2011-03-13
Why programs traditionally used spares files on Unix
Unix has had sparse files for a very long time, and periodically they cause confusion and heartburn. At a low level, the possibility for sparse files is more or less inherent in the ability to have files that are not physically contiguous on disk; once you have non-contiguous files you need a way to map from file offsets to disk blocks, and once you have this you can have sections that don't map to any blocks at all. All of that's fine, but a more interesting question is why programs actually create and use spares files.
One of the ways that programs create spares files is by mistake, where
you accidentally lseek() past the end of the file and write something
out there. A slight variant on this is to have a file truncated out from
underneath you; in many cases, when you next write a block, it will go
at the old end of file position and immediately create a sparse file up
to that point. One classic way to do this is, roughly:
someprogram >somefile & tail -f somefile ^C someprogram >somefile &
Oops.
The usual reason to use sparse files deliberately is use them as sparse
'address' space, typically by low-level database libraries. Imagine that
you have a database system that can condense a record key to a 16-bit
number (obviously with collisions). Rather than have lookup tables and
so on to determine the seek offset for the record for any particular
key, you can just map keys directly to, say, a 16 Kbyte section of your
storage file. Even though this results in seek offsets that are all over
the map (including very far into the file), sparse files mean that you
only allocate disk blocks for the keys and records that actually exist
(ie that you have written). People may get confused and alarmed at
ls's output, but that's a minor issue.
(There are various ways to make linear scans of the keyspace still work.)
These days, using sparse files this way is a little bit out of fashion for various reasons, including that people have noticed that good support for sparse files is a little bit spotty; every so often you trip over another program that explodes under some circumstances. (Backup systems are an especially popular thing to have blow up.)
2011-03-02
The POSIX shell and the three sorts of Unixes
Avery Pennarun recently wrote Insufficiently known POSIX shell features, where he talked about a number of nice shell things that are not Bash but are instead POSIX shell features.

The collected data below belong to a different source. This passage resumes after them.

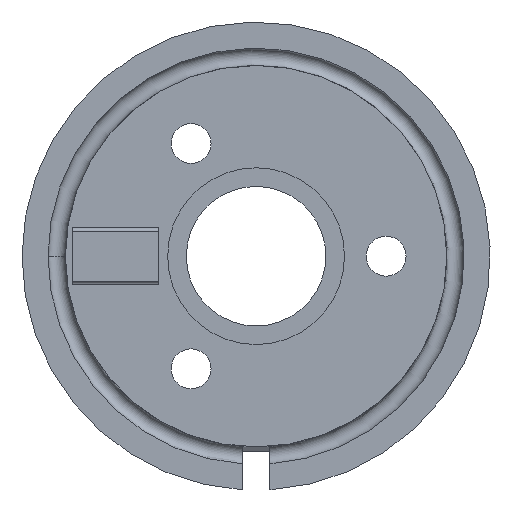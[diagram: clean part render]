
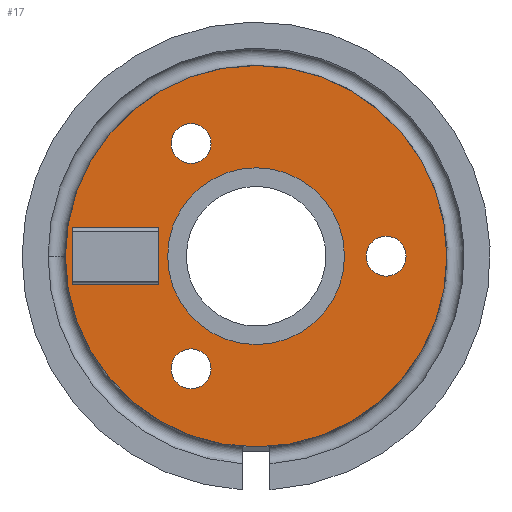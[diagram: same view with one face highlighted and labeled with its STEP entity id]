
A CAD part, left-side view. The second image highlights one B-rep face of the part: STEP entity #17.
In plain terms, the highlighted planar face has unit normal (-1, 0, 0).
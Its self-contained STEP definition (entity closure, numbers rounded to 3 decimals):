
#17 = ADVANCED_FACE('',(#18,#54,#85,#199,#230,#261),#31,.F.);
#18 = FACE_BOUND('',#19,.T.);
#19 = EDGE_LOOP('',(#20));
#20 = ORIENTED_EDGE('',*,*,#21,.F.);
#21 = EDGE_CURVE('',#22,#22,#24,.T.);
#22 = VERTEX_POINT('',#23);
#23 = CARTESIAN_POINT('',(38.6,14.,-17.));
#24 = SURFACE_CURVE('',#25,(#30,#42),.PCURVE_S1.);
#25 = CIRCLE('',#26,11.);
#26 = AXIS2_PLACEMENT_3D('',#27,#28,#29);
#27 = CARTESIAN_POINT('',(38.6,3.,-17.));
#28 = DIRECTION('',(1.,0.,0.));
#29 = DIRECTION('',(0.,1.,0.));
#30 = PCURVE('',#31,#36);
#31 = PLANE('',#32);
#32 = AXIS2_PLACEMENT_3D('',#33,#34,#35);
#33 = CARTESIAN_POINT('',(38.6,3.,-17.));
#34 = DIRECTION('',(1.,0.,0.));
#35 = DIRECTION('',(0.,1.,0.));
#36 = DEFINITIONAL_REPRESENTATION('',(#37),#41);
#37 = CIRCLE('',#38,11.);
#38 = AXIS2_PLACEMENT_2D('',#39,#40);
#39 = CARTESIAN_POINT('',(0.,0.));
#40 = DIRECTION('',(1.,-0.));
#41 = ( GEOMETRIC_REPRESENTATION_CONTEXT(2) 
PARAMETRIC_REPRESENTATION_CONTEXT() REPRESENTATION_CONTEXT('2D SPACE',''
  ) );
#42 = PCURVE('',#43,#48);
#43 = CYLINDRICAL_SURFACE('',#44,11.);
#44 = AXIS2_PLACEMENT_3D('',#45,#46,#47);
#45 = CARTESIAN_POINT('',(38.6,3.,-17.));
#46 = DIRECTION('',(1.,0.,0.));
#47 = DIRECTION('',(0.,1.,0.));
#48 = DEFINITIONAL_REPRESENTATION('',(#49),#53);
#49 = LINE('',#50,#51);
#50 = CARTESIAN_POINT('',(0.,0.));
#51 = VECTOR('',#52,1.);
#52 = DIRECTION('',(1.,0.));
#53 = ( GEOMETRIC_REPRESENTATION_CONTEXT(2) 
PARAMETRIC_REPRESENTATION_CONTEXT() REPRESENTATION_CONTEXT('2D SPACE',''
  ) );
#54 = FACE_BOUND('',#55,.T.);
#55 = EDGE_LOOP('',(#56));
#56 = ORIENTED_EDGE('',*,*,#57,.T.);
#57 = EDGE_CURVE('',#58,#58,#60,.T.);
#58 = VERTEX_POINT('',#59);
#59 = CARTESIAN_POINT('',(38.6,6.75,-24.645));
#60 = SURFACE_CURVE('',#61,(#66,#73),.PCURVE_S1.);
#61 = CIRCLE('',#62,1.15);
#62 = AXIS2_PLACEMENT_3D('',#63,#64,#65);
#63 = CARTESIAN_POINT('',(38.6,6.75,-23.495));
#64 = DIRECTION('',(1.,0.,0.));
#65 = DIRECTION('',(0.,0.,-1.));
#66 = PCURVE('',#31,#67);
#67 = DEFINITIONAL_REPRESENTATION('',(#68),#72);
#68 = CIRCLE('',#69,1.15);
#69 = AXIS2_PLACEMENT_2D('',#70,#71);
#70 = CARTESIAN_POINT('',(3.75,-6.495));
#71 = DIRECTION('',(-0.,-1.));
#72 = ( GEOMETRIC_REPRESENTATION_CONTEXT(2) 
PARAMETRIC_REPRESENTATION_CONTEXT() REPRESENTATION_CONTEXT('2D SPACE',''
  ) );
#73 = PCURVE('',#74,#79);
#74 = CYLINDRICAL_SURFACE('',#75,1.15);
#75 = AXIS2_PLACEMENT_3D('',#76,#77,#78);
#76 = CARTESIAN_POINT('',(36.6,6.75,-23.495));
#77 = DIRECTION('',(1.,0.,0.));
#78 = DIRECTION('',(0.,0.,-1.));
#79 = DEFINITIONAL_REPRESENTATION('',(#80),#84);
#80 = LINE('',#81,#82);
#81 = CARTESIAN_POINT('',(0.,2.));
#82 = VECTOR('',#83,1.);
#83 = DIRECTION('',(1.,0.));
#84 = ( GEOMETRIC_REPRESENTATION_CONTEXT(2) 
PARAMETRIC_REPRESENTATION_CONTEXT() REPRESENTATION_CONTEXT('2D SPACE',''
  ) );
#85 = FACE_BOUND('',#86,.T.);
#86 = EDGE_LOOP('',(#87,#117,#145,#173));
#87 = ORIENTED_EDGE('',*,*,#88,.T.);
#88 = EDGE_CURVE('',#89,#91,#93,.T.);
#89 = VERTEX_POINT('',#90);
#90 = CARTESIAN_POINT('',(38.6,8.6,-15.35));
#91 = VERTEX_POINT('',#92);
#92 = CARTESIAN_POINT('',(38.6,8.6,-18.65));
#93 = SURFACE_CURVE('',#94,(#98,#105),.PCURVE_S1.);
#94 = LINE('',#95,#96);
#95 = CARTESIAN_POINT('',(38.6,8.6,-15.35));
#96 = VECTOR('',#97,1.);
#97 = DIRECTION('',(0.,0.,-1.));
#98 = PCURVE('',#31,#99);
#99 = DEFINITIONAL_REPRESENTATION('',(#100),#104);
#100 = LINE('',#101,#102);
#101 = CARTESIAN_POINT('',(5.6,1.65));
#102 = VECTOR('',#103,1.);
#103 = DIRECTION('',(-0.,-1.));
#104 = ( GEOMETRIC_REPRESENTATION_CONTEXT(2) 
PARAMETRIC_REPRESENTATION_CONTEXT() REPRESENTATION_CONTEXT('2D SPACE',''
  ) );
#105 = PCURVE('',#106,#111);
#106 = PLANE('',#107);
#107 = AXIS2_PLACEMENT_3D('',#108,#109,#110);
#108 = CARTESIAN_POINT('',(37.,8.6,-18.45));
#109 = DIRECTION('',(0.,1.,0.));
#110 = DIRECTION('',(0.,0.,1.));
#111 = DEFINITIONAL_REPRESENTATION('',(#112),#116);
#112 = LINE('',#113,#114);
#113 = CARTESIAN_POINT('',(3.1,1.6));
#114 = VECTOR('',#115,1.);
#115 = DIRECTION('',(-1.,0.));
#116 = ( GEOMETRIC_REPRESENTATION_CONTEXT(2) 
PARAMETRIC_REPRESENTATION_CONTEXT() REPRESENTATION_CONTEXT('2D SPACE',''
  ) );
#117 = ORIENTED_EDGE('',*,*,#118,.T.);
#118 = EDGE_CURVE('',#91,#119,#121,.T.);
#119 = VERTEX_POINT('',#120);
#120 = CARTESIAN_POINT('',(38.6,13.6,-18.65));
#121 = SURFACE_CURVE('',#122,(#126,#133),.PCURVE_S1.);
#122 = LINE('',#123,#124);
#123 = CARTESIAN_POINT('',(38.6,8.6,-18.65));
#124 = VECTOR('',#125,1.);
#125 = DIRECTION('',(0.,1.,0.));
#126 = PCURVE('',#31,#127);
#127 = DEFINITIONAL_REPRESENTATION('',(#128),#132);
#128 = LINE('',#129,#130);
#129 = CARTESIAN_POINT('',(5.6,-1.65));
#130 = VECTOR('',#131,1.);
#131 = DIRECTION('',(1.,-0.));
#132 = ( GEOMETRIC_REPRESENTATION_CONTEXT(2) 
PARAMETRIC_REPRESENTATION_CONTEXT() REPRESENTATION_CONTEXT('2D SPACE',''
  ) );
#133 = PCURVE('',#134,#139);
#134 = CYLINDRICAL_SURFACE('',#135,0.2);
#135 = AXIS2_PLACEMENT_3D('',#136,#137,#138);
#136 = CARTESIAN_POINT('',(38.4,8.6,-18.65));
#137 = DIRECTION('',(0.,1.,0.));
#138 = DIRECTION('',(1.,0.,-0.));
#139 = DEFINITIONAL_REPRESENTATION('',(#140),#144);
#140 = LINE('',#141,#142);
#141 = CARTESIAN_POINT('',(-0.,0.));
#142 = VECTOR('',#143,1.);
#143 = DIRECTION('',(-0.,1.));
#144 = ( GEOMETRIC_REPRESENTATION_CONTEXT(2) 
PARAMETRIC_REPRESENTATION_CONTEXT() REPRESENTATION_CONTEXT('2D SPACE',''
  ) );
#145 = ORIENTED_EDGE('',*,*,#146,.T.);
#146 = EDGE_CURVE('',#119,#147,#149,.T.);
#147 = VERTEX_POINT('',#148);
#148 = CARTESIAN_POINT('',(38.6,13.6,-15.35));
#149 = SURFACE_CURVE('',#150,(#154,#161),.PCURVE_S1.);
#150 = LINE('',#151,#152);
#151 = CARTESIAN_POINT('',(38.6,13.6,-18.65));
#152 = VECTOR('',#153,1.);
#153 = DIRECTION('',(0.,0.,1.));
#154 = PCURVE('',#31,#155);
#155 = DEFINITIONAL_REPRESENTATION('',(#156),#160);
#156 = LINE('',#157,#158);
#157 = CARTESIAN_POINT('',(10.6,-1.65));
#158 = VECTOR('',#159,1.);
#159 = DIRECTION('',(-0.,1.));
#160 = ( GEOMETRIC_REPRESENTATION_CONTEXT(2) 
PARAMETRIC_REPRESENTATION_CONTEXT() REPRESENTATION_CONTEXT('2D SPACE',''
  ) );
#161 = PCURVE('',#162,#167);
#162 = PLANE('',#163);
#163 = AXIS2_PLACEMENT_3D('',#164,#165,#166);
#164 = CARTESIAN_POINT('',(37.,13.6,-18.45));
#165 = DIRECTION('',(0.,1.,0.));
#166 = DIRECTION('',(0.,0.,1.));
#167 = DEFINITIONAL_REPRESENTATION('',(#168),#172);
#168 = LINE('',#169,#170);
#169 = CARTESIAN_POINT('',(-0.2,1.6));
#170 = VECTOR('',#171,1.);
#171 = DIRECTION('',(1.,0.));
#172 = ( GEOMETRIC_REPRESENTATION_CONTEXT(2) 
PARAMETRIC_REPRESENTATION_CONTEXT() REPRESENTATION_CONTEXT('2D SPACE',''
  ) );
#173 = ORIENTED_EDGE('',*,*,#174,.F.);
#174 = EDGE_CURVE('',#89,#147,#175,.T.);
#175 = SURFACE_CURVE('',#176,(#180,#187),.PCURVE_S1.);
#176 = LINE('',#177,#178);
#177 = CARTESIAN_POINT('',(38.6,8.6,-15.35));
#178 = VECTOR('',#179,1.);
#179 = DIRECTION('',(0.,1.,0.));
#180 = PCURVE('',#31,#181);
#181 = DEFINITIONAL_REPRESENTATION('',(#182),#186);
#182 = LINE('',#183,#184);
#183 = CARTESIAN_POINT('',(5.6,1.65));
#184 = VECTOR('',#185,1.);
#185 = DIRECTION('',(1.,-0.));
#186 = ( GEOMETRIC_REPRESENTATION_CONTEXT(2) 
PARAMETRIC_REPRESENTATION_CONTEXT() REPRESENTATION_CONTEXT('2D SPACE',''
  ) );
#187 = PCURVE('',#188,#193);
#188 = CYLINDRICAL_SURFACE('',#189,0.2);
#189 = AXIS2_PLACEMENT_3D('',#190,#191,#192);
#190 = CARTESIAN_POINT('',(38.4,8.6,-15.35));
#191 = DIRECTION('',(0.,1.,0.));
#192 = DIRECTION('',(1.,0.,-0.));
#193 = DEFINITIONAL_REPRESENTATION('',(#194),#198);
#194 = LINE('',#195,#196);
#195 = CARTESIAN_POINT('',(0.,0.));
#196 = VECTOR('',#197,1.);
#197 = DIRECTION('',(0.,1.));
#198 = ( GEOMETRIC_REPRESENTATION_CONTEXT(2) 
PARAMETRIC_REPRESENTATION_CONTEXT() REPRESENTATION_CONTEXT('2D SPACE',''
  ) );
#199 = FACE_BOUND('',#200,.T.);
#200 = EDGE_LOOP('',(#201));
#201 = ORIENTED_EDGE('',*,*,#202,.T.);
#202 = EDGE_CURVE('',#203,#203,#205,.T.);
#203 = VERTEX_POINT('',#204);
#204 = CARTESIAN_POINT('',(38.6,6.75,-11.655));
#205 = SURFACE_CURVE('',#206,(#211,#218),.PCURVE_S1.);
#206 = CIRCLE('',#207,1.15);
#207 = AXIS2_PLACEMENT_3D('',#208,#209,#210);
#208 = CARTESIAN_POINT('',(38.6,6.75,-10.505));
#209 = DIRECTION('',(1.,0.,0.));
#210 = DIRECTION('',(0.,0.,-1.));
#211 = PCURVE('',#31,#212);
#212 = DEFINITIONAL_REPRESENTATION('',(#213),#217);
#213 = CIRCLE('',#214,1.15);
#214 = AXIS2_PLACEMENT_2D('',#215,#216);
#215 = CARTESIAN_POINT('',(3.75,6.495));
#216 = DIRECTION('',(-0.,-1.));
#217 = ( GEOMETRIC_REPRESENTATION_CONTEXT(2) 
PARAMETRIC_REPRESENTATION_CONTEXT() REPRESENTATION_CONTEXT('2D SPACE',''
  ) );
#218 = PCURVE('',#219,#224);
#219 = CYLINDRICAL_SURFACE('',#220,1.15);
#220 = AXIS2_PLACEMENT_3D('',#221,#222,#223);
#221 = CARTESIAN_POINT('',(36.6,6.75,-10.505));
#222 = DIRECTION('',(1.,0.,0.));
#223 = DIRECTION('',(0.,0.,-1.));
#224 = DEFINITIONAL_REPRESENTATION('',(#225),#229);
#225 = LINE('',#226,#227);
#226 = CARTESIAN_POINT('',(0.,2.));
#227 = VECTOR('',#228,1.);
#228 = DIRECTION('',(1.,0.));
#229 = ( GEOMETRIC_REPRESENTATION_CONTEXT(2) 
PARAMETRIC_REPRESENTATION_CONTEXT() REPRESENTATION_CONTEXT('2D SPACE',''
  ) );
#230 = FACE_BOUND('',#231,.T.);
#231 = EDGE_LOOP('',(#232));
#232 = ORIENTED_EDGE('',*,*,#233,.T.);
#233 = EDGE_CURVE('',#234,#234,#236,.T.);
#234 = VERTEX_POINT('',#235);
#235 = CARTESIAN_POINT('',(38.6,3.,-22.1));
#236 = SURFACE_CURVE('',#237,(#242,#249),.PCURVE_S1.);
#237 = CIRCLE('',#238,5.1);
#238 = AXIS2_PLACEMENT_3D('',#239,#240,#241);
#239 = CARTESIAN_POINT('',(38.6,3.,-17.));
#240 = DIRECTION('',(1.,0.,0.));
#241 = DIRECTION('',(0.,0.,-1.));
#242 = PCURVE('',#31,#243);
#243 = DEFINITIONAL_REPRESENTATION('',(#244),#248);
#244 = CIRCLE('',#245,5.1);
#245 = AXIS2_PLACEMENT_2D('',#246,#247);
#246 = CARTESIAN_POINT('',(0.,0.));
#247 = DIRECTION('',(-0.,-1.));
#248 = ( GEOMETRIC_REPRESENTATION_CONTEXT(2) 
PARAMETRIC_REPRESENTATION_CONTEXT() REPRESENTATION_CONTEXT('2D SPACE',''
  ) );
#249 = PCURVE('',#250,#255);
#250 = CYLINDRICAL_SURFACE('',#251,5.1);
#251 = AXIS2_PLACEMENT_3D('',#252,#253,#254);
#252 = CARTESIAN_POINT('',(36.6,3.,-17.));
#253 = DIRECTION('',(1.,0.,0.));
#254 = DIRECTION('',(0.,0.,-1.));
#255 = DEFINITIONAL_REPRESENTATION('',(#256),#260);
#256 = LINE('',#257,#258);
#257 = CARTESIAN_POINT('',(0.,2.));
#258 = VECTOR('',#259,1.);
#259 = DIRECTION('',(1.,0.));
#260 = ( GEOMETRIC_REPRESENTATION_CONTEXT(2) 
PARAMETRIC_REPRESENTATION_CONTEXT() REPRESENTATION_CONTEXT('2D SPACE',''
  ) );
#261 = FACE_BOUND('',#262,.T.);
#262 = EDGE_LOOP('',(#263));
#263 = ORIENTED_EDGE('',*,*,#264,.T.);
#264 = EDGE_CURVE('',#265,#265,#267,.T.);
#265 = VERTEX_POINT('',#266);
#266 = CARTESIAN_POINT('',(38.6,-4.5,-18.15));
#267 = SURFACE_CURVE('',#268,(#273,#280),.PCURVE_S1.);
#268 = CIRCLE('',#269,1.15);
#269 = AXIS2_PLACEMENT_3D('',#270,#271,#272);
#270 = CARTESIAN_POINT('',(38.6,-4.5,-17.));
#271 = DIRECTION('',(1.,0.,0.));
#272 = DIRECTION('',(0.,0.,-1.));
#273 = PCURVE('',#31,#274);
#274 = DEFINITIONAL_REPRESENTATION('',(#275),#279);
#275 = CIRCLE('',#276,1.15);
#276 = AXIS2_PLACEMENT_2D('',#277,#278);
#277 = CARTESIAN_POINT('',(-7.5,0.));
#278 = DIRECTION('',(-0.,-1.));
#279 = ( GEOMETRIC_REPRESENTATION_CONTEXT(2) 
PARAMETRIC_REPRESENTATION_CONTEXT() REPRESENTATION_CONTEXT('2D SPACE',''
  ) );
#280 = PCURVE('',#281,#286);
#281 = CYLINDRICAL_SURFACE('',#282,1.15);
#282 = AXIS2_PLACEMENT_3D('',#283,#284,#285);
#283 = CARTESIAN_POINT('',(36.6,-4.5,-17.));
#284 = DIRECTION('',(1.,0.,0.));
#285 = DIRECTION('',(0.,0.,-1.));
#286 = DEFINITIONAL_REPRESENTATION('',(#287),#291);
#287 = LINE('',#288,#289);
#288 = CARTESIAN_POINT('',(0.,2.));
#289 = VECTOR('',#290,1.);
#290 = DIRECTION('',(1.,0.));
#291 = ( GEOMETRIC_REPRESENTATION_CONTEXT(2) 
PARAMETRIC_REPRESENTATION_CONTEXT() REPRESENTATION_CONTEXT('2D SPACE',''
  ) );

Although he footnoted this in his entry, I want to draw your attention to how there are three sorts of Unix machines (or, well, Unixes):
- machines on which
/bin/shis Bash. - machines on which
/bin/shis POSIX-compatible but is not Bash. - machines which have a POSIX-compatible shell, but it is not
/bin/sh.
Every so often some well intentioned person attempts to transition the first sort of Unix into the second sort. Busy sysadmins usually immediately reverse the transition because we have better things to do with our time than debug Bashisms that have crept into administrative scripts or, worse, explain to users why their shell scripts just broke and how no we are not going to do anything about it although we could because it is good for them, honest.
(Rewriting shell scripts to pointlessly avoid Bashisms is the very opposite of productive work. It's even less productive than browsing Slashdot, because there is some vague chance that you could learn something from Slashdot.)
The third sort of Unix is a pain in the rear for everyone. In many
respects it might as well not have a POSIX shell, because you can't
easily use it in portable scripts. If you are a big project like
redo you can work around the
difference and find yourself the right shell, but if you are an ordinary
person writing cross-machine shell scripts, ones that you want to run
without an installer step, well, you lose. Your scripts all start with
'#!/bin/sh' because that's the only reliable cross-Unix name for a
Bourne shell, so you can't count on POSIX features.
Fortunately the third sort of Unix is mostly dying out. The largest holdout in our environment is Solaris, which we don't let users log on to and barely run anything on. Even then, the differences sometimes get to us.
Honestly, I suggest that you ignore the third sort of Unix unless you can't because you have one. And if you want to write portable POSIX shell scripts, make sure that you use the second sort of Unix right from the start. (Or that someone involved in the project does.)